Furthermore, as ion detection in quantification, selective ion monitoring (Selected IonMonitoring) that selectively detects only the target ion or one of the ion species purified by the first mass spectrometer is a precursor ion. And a reaction reaction monitoring (Selected Reaction Monitoring: SRM) in which a product ion generated by the cleavage of the precursor ion is detected in the second mass spectrometer. In the present invention, measurement by SRM, in which the signal / noise ratio is improved by increasing the selectivity and reducing the noise, is preferable.

Further, in the present specification, the “sample” is not particularly limited, and may be derived from any organism, environment, or industrial product. Examples of biological samples include blood, saliva, tears, sweat, urine, feces, bile, tissue, living cells, tissues or cell cultures or organs obtained from animals including humans, or plants. The extract of etc. can be mentioned. Examples of the environment-derived sample include soil, sewage, wastewater, river water, seawater and the like. Furthermore, food products, pharmaceuticals, etc. are mentioned as samples derived from industrial products. Among them, blood, saliva, urine, tissue, living cells, and the like of animals including humans are preferable as biological samples, waste water, river water, and the like are preferable as environment-derived samples, and pharmaceutical products are preferable as samples derived from industrial products.

で示されるペンタハロゲン化ベンジル化合物において、Ｘは、具体的には、フッ素原子、臭素原子、塩素原子、ヨウ素原子を表す。また、脱離基Ｌとしては、ハロゲン原子： トシルオキシ、メシルオキシ、又はトリフルオロメタンスルホニルオキシ基等の脱離基を挙げることができ、好適には、ハロゲン原子を挙げることができる。上記ペンタハロゲン化ベンジル化合物の具体例としては、例えば、ペンタフルオロベンジルクロライド、ペンタフルオロベンジルブロマイド、ペンタブロモベンジルクロライド、ペンタブロモベンジルブロマイド等を挙げることができ、中でも、ペンタフルオロベンジルブロマイドが好適である。 In the present invention, the following formula (2) that can be used:

In the pentahalogenated benzyl compound represented by X, specifically, X represents a fluorine atom, a bromine atom, a chlorine atom, or an iodine atom. Further, examples of the leaving group L include a leaving group such as a halogen atom: tosyloxy, mesyloxy, or trifluoromethanesulfonyloxy group, and preferably a halogen atom. Specific examples of the pentahalogenated benzyl compound include pentafluorobenzyl chloride, pentafluorobenzyl bromide, pentabromobenzyl chloride, pentabromobenzyl bromide, etc. Among them, pentafluorobenzyl bromide is preferable. .
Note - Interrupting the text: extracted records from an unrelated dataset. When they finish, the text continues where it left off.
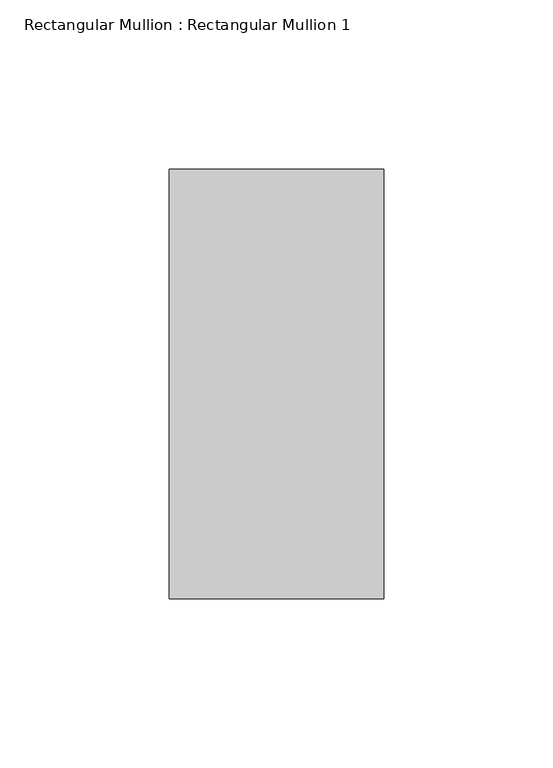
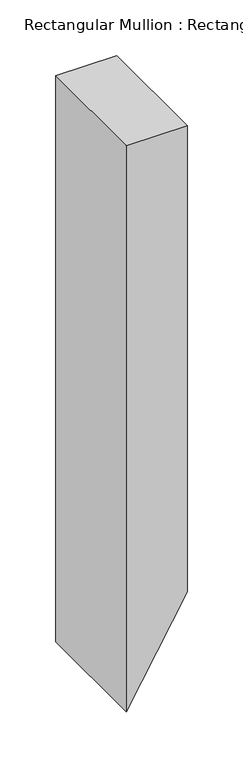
"""IFC4 building model written with IfcOpenShell, lengths in millimetres: member geometry, Rectangular Mullion : Rectangular Mullion 1."""

import ifcopenshell
import ifcopenshell.guid

model = None  # the IFC model being written
_history = None  # IfcOwnerHistory: only IFC2X3 demands one
_inside = {}  # id of a spatial element -> (the spatial element, [elements in it])
_under = {}  # id of a project, library or spatial element -> (it, [spatial elements below it])
_declared = {}  # id of a project -> (the project, [libraries it declares])
_typed = {}  # id of a type object -> (the type object, [elements of that type])
_made_of = {}  # id of a material, layer set ... -> (it, [elements and type objects made of it])


def new_model(schema):
    """Start an empty IFC model of exactly this schema.

    Asked for "IFC4X3", IfcOpenShell would pick the latest addendum, in which some entities
    have other attributes; the version numbers below select the first issue.
    IFC2X3 requires an IfcOwnerHistory on every rooted entity: one is made here for all.
    """
    global model, _history
    if schema == "IFC4X3":
        model = ifcopenshell.file(schema_version=(4, 3, 0, 0))
    else:
        model = ifcopenshell.file(schema=schema)
    _inside.clear()
    _under.clear()
    _declared.clear()
    _typed.clear()
    _made_of.clear()
    _history = None
    if model.schema == "IFC2X3":
        org = make("IfcOrganization", Name="unknown")
        user = make(
            "IfcPersonAndOrganization",
            ThePerson=make("IfcPerson", FamilyName="unknown"),
            TheOrganization=org,
        )
        app = make(
            "IfcApplication",
            ApplicationDeveloper=org,
            Version="unknown",
            ApplicationFullName="unknown",
            ApplicationIdentifier="unknown",
        )
        _history = make(
            "IfcOwnerHistory",
            OwningUser=user,
            OwningApplication=app,
            ChangeAction="ADDED",
            CreationDate=0,
        )
    return model


def make(cls, **values):
    """One entity of the class cls with the attributes given. An attribute that is None is left unset."""
    return model.create_entity(
        cls, **{name: value for name, value in values.items() if value is not None}
    )


def rooted(cls, **values):
    """An entity with a GlobalId (a new one), such as an element, a storey or a relation."""
    return make(cls, GlobalId=ifcopenshell.guid.new(), OwnerHistory=_history, **values)


def si_unit(unit_type, name, prefix=None):
    """IfcSIUnit, for example si_unit("LENGTHUNIT", "METRE", prefix="MILLI")."""
    return make("IfcSIUnit", UnitType=unit_type, Prefix=prefix, Name=name)


def assignment(units):
    """IfcUnitAssignment: the units of a project."""
    return None if units is None else make("IfcUnitAssignment", Units=units)


def point(xyz):
    """IfcCartesianPoint."""
    return None if xyz is None else make("IfcCartesianPoint", Coordinates=xyz)


def direction(xyz):
    """IfcDirection."""
    return None if xyz is None else make("IfcDirection", DirectionRatios=xyz)


def frame(location, z_axis=None, x_axis=None):
    """IfcAxis2Placement3D, a coordinate frame: its origin and axes. An axis left out is left unset."""
    return make(
        "IfcAxis2Placement3D",
        Location=point(location),
        Axis=direction(z_axis),
        RefDirection=direction(x_axis),
    )


def origin():
    """The frame at (0, 0, 0) with its axes left unset."""
    return frame((0.0, 0.0, 0.0))


def place(relative_to, where):
    """IfcLocalPlacement: puts the frame where relative to a parent placement (None: the world)."""
    return make(
        "IfcLocalPlacement", PlacementRelTo=relative_to, RelativePlacement=where
    )


def context(
    kind, dimensions, precision=None, world=None, true_north=None, identifier=None
):
    """IfcGeometricRepresentationContext, for example the 3D "Model" context."""
    return make(
        "IfcGeometricRepresentationContext",
        ContextIdentifier=identifier,
        ContextType=kind,
        CoordinateSpaceDimension=dimensions,
        Precision=precision,
        WorldCoordinateSystem=world,
        TrueNorth=true_north,
    )


def project(units=None, contexts=None):
    """IfcProject with its units and contexts."""
    return rooted(
        "IfcProject",
        Name="project",
        RepresentationContexts=contexts,
        UnitsInContext=assignment(units),
    )


def spatial(cls, under=None, at=None, **own):
    """A site, building, storey or space (cls), placed at a placement, below another one or the project."""
    s = rooted(cls, ObjectPlacement=at, **own)
    if under is not None:
        _under.setdefault(under.id(), (under, []))[1].append(s)
    return s


def polyline(points):
    """IfcPolyline through the points."""
    return make("IfcPolyline", Points=[point(p) for p in points])


def outline(outer, holes=None, kind="AREA"):
    """IfcArbitraryClosedProfileDef: a profile drawn as a closed curve; with holes, ...WithVoids."""
    if holes is None:
        return make("IfcArbitraryClosedProfileDef", ProfileType=kind, OuterCurve=outer)
    return make(
        "IfcArbitraryProfileDefWithVoids",
        ProfileType=kind,
        OuterCurve=outer,
        InnerCurves=holes,
    )


def extrude(swept, where, along, depth):
    """IfcExtrudedAreaSolid: the profile swept, set in the frame where, extruded along a direction by depth."""
    return make(
        "IfcExtrudedAreaSolid",
        SweptArea=swept,
        Position=where,
        ExtrudedDirection=direction(along),
        Depth=depth,
    )


def shape(context_of_items, identifier, shape_type, items):
    """IfcShapeRepresentation: the items that make up one representation, for example the "Body"."""
    return make(
        "IfcShapeRepresentation",
        ContextOfItems=context_of_items,
        RepresentationIdentifier=identifier,
        RepresentationType=shape_type,
        Items=items,
    )


def source(mapping_origin, context_of_items, identifier, shape_type, items):
    """IfcRepresentationMap: a shape defined once, which mapped items show again and again."""
    return make(
        "IfcRepresentationMap",
        MappingOrigin=mapping_origin,
        MappedRepresentation=shape(context_of_items, identifier, shape_type, items),
    )


def transform(
    local_origin,
    x_axis=None,
    y_axis=None,
    z_axis=None,
    scale=None,
    scale2=None,
    scale3=None,
    uniform=True,
):
    """IfcCartesianTransformationOperator3D, or its non-uniform kind. x_axis, y_axis, z_axis: its Axis1, 2, 3."""
    if uniform:
        return make(
            "IfcCartesianTransformationOperator3D",
            Axis1=direction(x_axis),
            Axis2=direction(y_axis),
            LocalOrigin=point(local_origin),
            Scale=scale,
            Axis3=direction(z_axis),
        )
    return make(
        "IfcCartesianTransformationOperator3DnonUniform",
        Axis1=direction(x_axis),
        Axis2=direction(y_axis),
        LocalOrigin=point(local_origin),
        Scale=scale,
        Axis3=direction(z_axis),
        Scale2=scale2,
        Scale3=scale3,
    )


def mapped(mapping_source, mapping_target):
    """IfcMappedItem: shows the shape of a source again, moved by a transform."""
    return make(
        "IfcMappedItem", MappingSource=mapping_source, MappingTarget=mapping_target
    )


def made_of(thing, what):
    """Note that an element or type object is made of a material, layer set ...; save() writes the relation."""
    if what is not None:
        _made_of.setdefault(what.id(), (what, []))[1].append(thing)
    return thing


def element(
    cls,
    number,
    at=None,
    inside=None,
    cuts=None,
    type_object=None,
    material=None,
    context=None,
    identifier="Body",
    shape_type=None,
    held_by="IfcProductDefinitionShape",
    body=None,
    shapes=None,
    **own,
):
    """One element of the class cls, such as IfcWall. Its Tag is "e" and its number.

    at: its placement. inside: the storey or other place that contains it. cuts: it is an
    opening in that element (IfcRelVoidsElement). A single representation is given by context,
    identifier, shape_type and body (its items); several are given by shapes. held_by: the class
    of the entity that holds the representations. save() writes the other relations.
    """
    e = rooted(cls, Tag="e%d" % number, ObjectPlacement=at, **own)
    if body is not None:
        shapes = [shape(context, identifier, shape_type, body)]
    if shapes is not None:
        e.Representation = make(held_by, Representations=shapes)
    if inside is not None:
        _inside.setdefault(inside.id(), (inside, []))[1].append(e)
    if cuts is not None:
        rooted(
            "IfcRelVoidsElement", RelatingBuildingElement=cuts, RelatedOpeningElement=e
        )
    if type_object is not None:
        _typed.setdefault(type_object.id(), (type_object, []))[1].append(e)
    return made_of(e, material)


def aggregate(whole, parts):
    """IfcRelAggregates: a whole, such as a stair, and the parts it consists of."""
    return rooted("IfcRelAggregates", RelatingObject=whole, RelatedObjects=parts)


def save(model, path):
    """Write the relations noted so far, then the file.

    IfcRelAggregates (storeys below a building ...), IfcRelContainedInSpatialStructure (elements
    in a storey), IfcRelDefinesByType, IfcRelAssociatesMaterial and IfcRelDeclares: one each for
    every whole, place, type object, material and project.
    """
    for whole, parts in _under.values():
        aggregate(whole, parts)
    for where, things in _inside.values():
        rooted(
            "IfcRelContainedInSpatialStructure",
            RelatedElements=things,
            RelatingStructure=where,
        )
    for kind, things in _typed.values():
        rooted("IfcRelDefinesByType", RelatedObjects=things, RelatingType=kind)
    for what, things in _made_of.values():
        rooted("IfcRelAssociatesMaterial", RelatedObjects=things, RelatingMaterial=what)
    for by, libraries in _declared.values():
        rooted("IfcRelDeclares", RelatingContext=by, RelatedDefinitions=libraries)
    model.write(path)


def rectangular_mullion_rectangular_mullion_1_3224573d(model_context):
    return source(origin(), model_context, "Body", "SweptSolid", [
        extrude(outline(polyline([(0.0, 31.75), (0.0, -31.75), (-622.9762686, -31.75), (-512.9910423, 31.75), (0.0, 31.75)])), frame((0.0, -63.5, 0.0), z_axis=(0.0, 1.0, 0.0), x_axis=(0.0, 0.0, 1.0)), (0.0, 0.0, 1.0), 127.0),
    ])


if __name__ == "__main__":
    model = new_model("IFC4")
    model_context = context("Model", 3, world=origin())
    ifc_project = project(units=[si_unit("LENGTHUNIT", "METRE", prefix="MILLI")], contexts=[model_context])
    site = spatial("IfcSite", under=ifc_project)
    building = spatial("IfcBuilding", under=site)
    placement = place(None, origin())
    rectangular_mullion_rectangular_mullion_1_shape = rectangular_mullion_rectangular_mullion_1_3224573d(model_context)
    element("IfcMember", 1, ObjectType="Rectangular Mullion : Rectangular Mullion 1", at=placement, inside=building, context=model_context, shape_type="MappedRepresentation", body=[
        mapped(rectangular_mullion_rectangular_mullion_1_shape, transform((0.0, 0.0, 0.0), x_axis=(1.0, 0.0, 0.0), y_axis=(0.0, 1.0, 0.0), z_axis=(0.0, 0.0, 1.0))),
    ])
    save(model, "model.ifc")

These pentahalogenated benzyl compounds and pentahalogenated benzoyl compounds are known compounds or can be synthesized from known compounds by known methods.

In the present specification, “lower alkyl” means a linear or branched alkyl group having 1 to 6 carbon atoms, preferably 1 to 3 carbon atoms. Examples of such lower alkyl groups include methyl, ethyl, n-propyl, isopropyl, n-butyl, isobutyl, s-butyl, tert-butyl, n-pentyl, isopentyl, tert-pentyl and the like. Preferable examples include methyl, ethyl and n-propyl. Examples of the “hydrazino-1-lower alkylpyridine” that can be used in the present invention include Girard reagent P and 2-hydrazino-1-methylpyridine, among which the reactivity is good and the sensitivity is high. The excellent derivatization with 2-hydrazino-1-methylpyridine is preferred. This hydrazino-1-lower alkylpyridine is also a known compound or can be synthesized from a known compound by a known method.

The present invention will be specifically described below.

1. Hydrazino-1 For preparation methods for preparing <br/> hydrazino-1-lower alkyl pyridine lower alkyl pyridine, although described in detail in the Examples below, hydrazine and 2-halogeno-1-lower alkyl pyridinium p- toluene It can be obtained by dissolving a general commercial synthetic raw material such as a sulfonate in an inert solvent such as acetonitrile and reacting it. This reaction can be performed in the range of −10 ° C. to 50 ° C., but it is preferable to perform the reaction at a temperature within the range of −5 ° C. to 5 ° C. for 5 to 15 minutes from the start of the reaction. Thereafter, the range of 10 ° C. to 40 ° C. is suitable. Moreover, as a reaction solvent, a general inert organic solvent, for example, chloroform, dichloromethane, acetonitrile, ethyl acetate, tetrahydrofuran, etc. can be used.

2. For preparation method of estrogens from Preparation <br/> serum sample in the sample, will be described in detail in Examples below, a general preparation method of separation and purification by a simple column chromatography on extraction and solid phase extraction with an organic solvent as appropriate It can be selected and used. In addition, as a method for preparing a sample such as a preparation obtained from saliva, urine, feces, cultured cells, organs, and sewage, a technique almost similar to that for serum can be used. Moreover, only a phenolic steroid is selectively used using a commercially available solid phase extraction column, for example, Oasis (registered trademark) MAX manufactured by Waters, or InertSep (registered trademark) MA-1 manufactured by GL Sciences. The separation can be performed as needed.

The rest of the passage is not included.